A discussão sobre os últimos acontecimentos com a realização do Enem engloba uma série de interesses particulares que quase ninguém assume claramente. O exame foi criado, inicialmente, para aferir a qualidade do ensino médio e, de forma indireta, do ensino fundamental. Só quem não é educador não percebe que ambos estão intimamente relacionados. Depois, não por acaso, já com a concessão de direito de votação aos jovens de 16 anos, o exame foi galgado ao status de conceder uma vaga nas universidades que o utilizassem como forma de ingresso (com nítidas pressões políticas). Dessa forma, passou a ser um sucesso de audiência, chegando atualmente, aos 4 milhões de inscritos. Tudo sob o guarda-chuva das chamadas políticas compensatórias ou políticas de inclusão social típicas dos últimos governos, tanto do PSDB quanto do seu disfarçado homônimo, o PT.
Um dia passaremos para a análise curricular de um indivíduo ao longo dos seus anos de estudos, e ela, somente ela, lhe dará ou não o direito ao ingresso nas universidades
Neste contexto, três vertentes precisam ser analisadas não sob a paixão partidária, mas sim sob a ótica de uma boa prática educacional, ou seja, do ponto de vista de uma política educacional. A pergunta que se deve fazer é: o Enem é o substituto ideal para os antigos processos de ingressos às universidades ou é apenas uma disfarçada forma de engordar as estatísticas educacionais para melhorar a imagem do governo? A primeira questão diz respeito ao que é necessário para conceder aos jovens direitos e condições igualitárias ao ingresso no ensino superior, sendo uma responsabilidade do Estado. Neste campo, creio, salvo melhor juízo, que o investimento sério, não demagógico, nas escolas públicas, fazendo-as boas tanto para quem poderia estudar em escolas particulares ou não, é a melhor escolha.

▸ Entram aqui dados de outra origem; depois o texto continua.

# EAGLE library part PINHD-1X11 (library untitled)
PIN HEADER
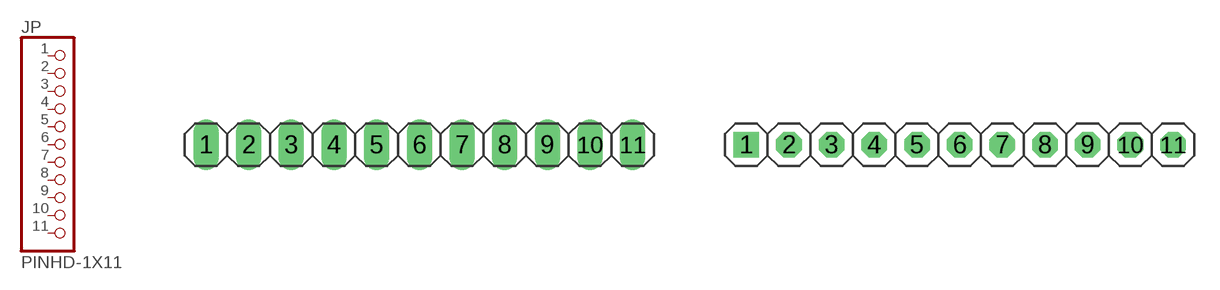
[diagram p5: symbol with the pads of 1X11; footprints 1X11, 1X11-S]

Designator prefix JP

## PINHD-1X11_2.54  [1X11]
1  1  pas
2  2  pas
3  3  pas
4  4  pas
5  5  pas
6  6  pas
7  7  pas
8  8  pas
9  9  pas
10  10  pas
11  11  pas

## PINHD-1X11_2.54-S  [1X11-S]
Pads as for 1X11

## PINHD-1X11_2.54-90°  [1X11/90]
Pads as for 1X11

## PINHD-1X11_2.54-90°-S  [1X11/90-S]
Pads as for 1X11

## PINHD-1X11_2.00  [1X11M]
Pads as for 1X11

## PINHD-1X11_2.54-SMD  [1X11SMD]
Pads as for 1X11

## PINHD-1X11_2.54-SMD-90°  [1X11SMD/90]
Pads as for 1X11

## Footprint 1X11 (pad centres in mm)
PIN HEADER - 2.54
drill 1.016 long: 1 -12.7,0; 2 -10.16,0; 3 -7.62,0; 4 -5.08,0; 5 -2.54,0; 6 0,0; 7 2.54,0; 8 5.08,0; 9 7.62,0; 10 10.16,0; 11 12.7,0

## Footprint 1X11-S (pad centres in mm)
PIN HEADER - 2.54
drill 1.016 square: 1 -12.7,0
drill 1.016 octagon: 2 -10.16,0; 3 -7.62,0; 4 -5.08,0; 5 -2.54,0; 6 0,0; 7 2.54,0; 8 5.08,0; 9 7.62,0; 10 10.16,0; 11 12.7,0

## Footprint 1X11/90 (pad centres in mm)
PIN HEADER - 2.54 90°
drill 1.016 long: 1 -12.7,-3.81; 2 -10.16,-3.81; 3 -7.62,-3.81; 4 -5.08,-3.81; 5 -2.54,-3.81; 6 0,-3.81; 7 2.54,-3.81; 8 5.08,-3.81; 9 7.62,-3.81; 10 10.16,-3.81; 11 12.7,-3.81

## Footprint 1X11/90-S (pad centres in mm)
PIN HEADER - 2.54 90°
drill 1.016 square: 1 -12.7,-3.81
drill 1.016 octagon: 2 -10.16,-3.81; 3 -7.62,-3.81; 4 -5.08,-3.81; 5 -2.54,-3.81; 6 0,-3.81; 7 2.54,-3.81; 8 5.08,-3.81; 9 7.62,-3.81; 10 10.16,-3.81; 11 12.7,-3.81

Não sou partidário daqueles que abominam as escolas particulares. Elas cumprem a sua função num país democrático, mas não entendo o abandono das escolas públicas pelo governo. A lógica capitalista não pode interferir na educação, ou seja, não é soberano acabar com a qualidade das escolas públicas para vender a escola particular. Mas o que aconteceu nos últimos 30 anos foi exatamente isso: aviltaram o magistério, com salários que tornam os professores motivo de deboche para alunos em sala de aula, aviltaram a qualidade da escola pública sistematicamente com claro planejamento, perverso por sinal, e nas barbas da população, que nada fez.
Concedida a primazia da qualidade de ensino à escola particular, fica pronto o cenário para a instalação, agora, de políticas pseudo-educacionais, como o Enem, o PROUNI e o SISU. E a lógica, que me parece perversa, é facilitar o ingresso nas universidades brasileiras aos jovens que, coitados, tiveram que estudar em escolas públicas (embora milhares não o façam, quem está no magistério sabe disso, quem está fora, faz proselitismo político). Ou seja, os governos estaduais, municipais e federais apresentam, em quase todas as escolas, péssima qualidade de ensino.
Explicando de outra forma, a lógica é a seguinte: como não invisto na educação pública de qualidade, faz-se uma política compensatória. Ora, já passou da hora de inverter essa lógica, investindo na educação para não ser preciso enterrar a meritocracia, valorizando os jovens que realmente estudam dia após dia, para realizar seus sonhos. Então, nos remetemos à uma segunda questão: a quem interesse a existência de políticas compensatórias, atalhos educacionais, em detrimento de um real investimento na Educação Pública?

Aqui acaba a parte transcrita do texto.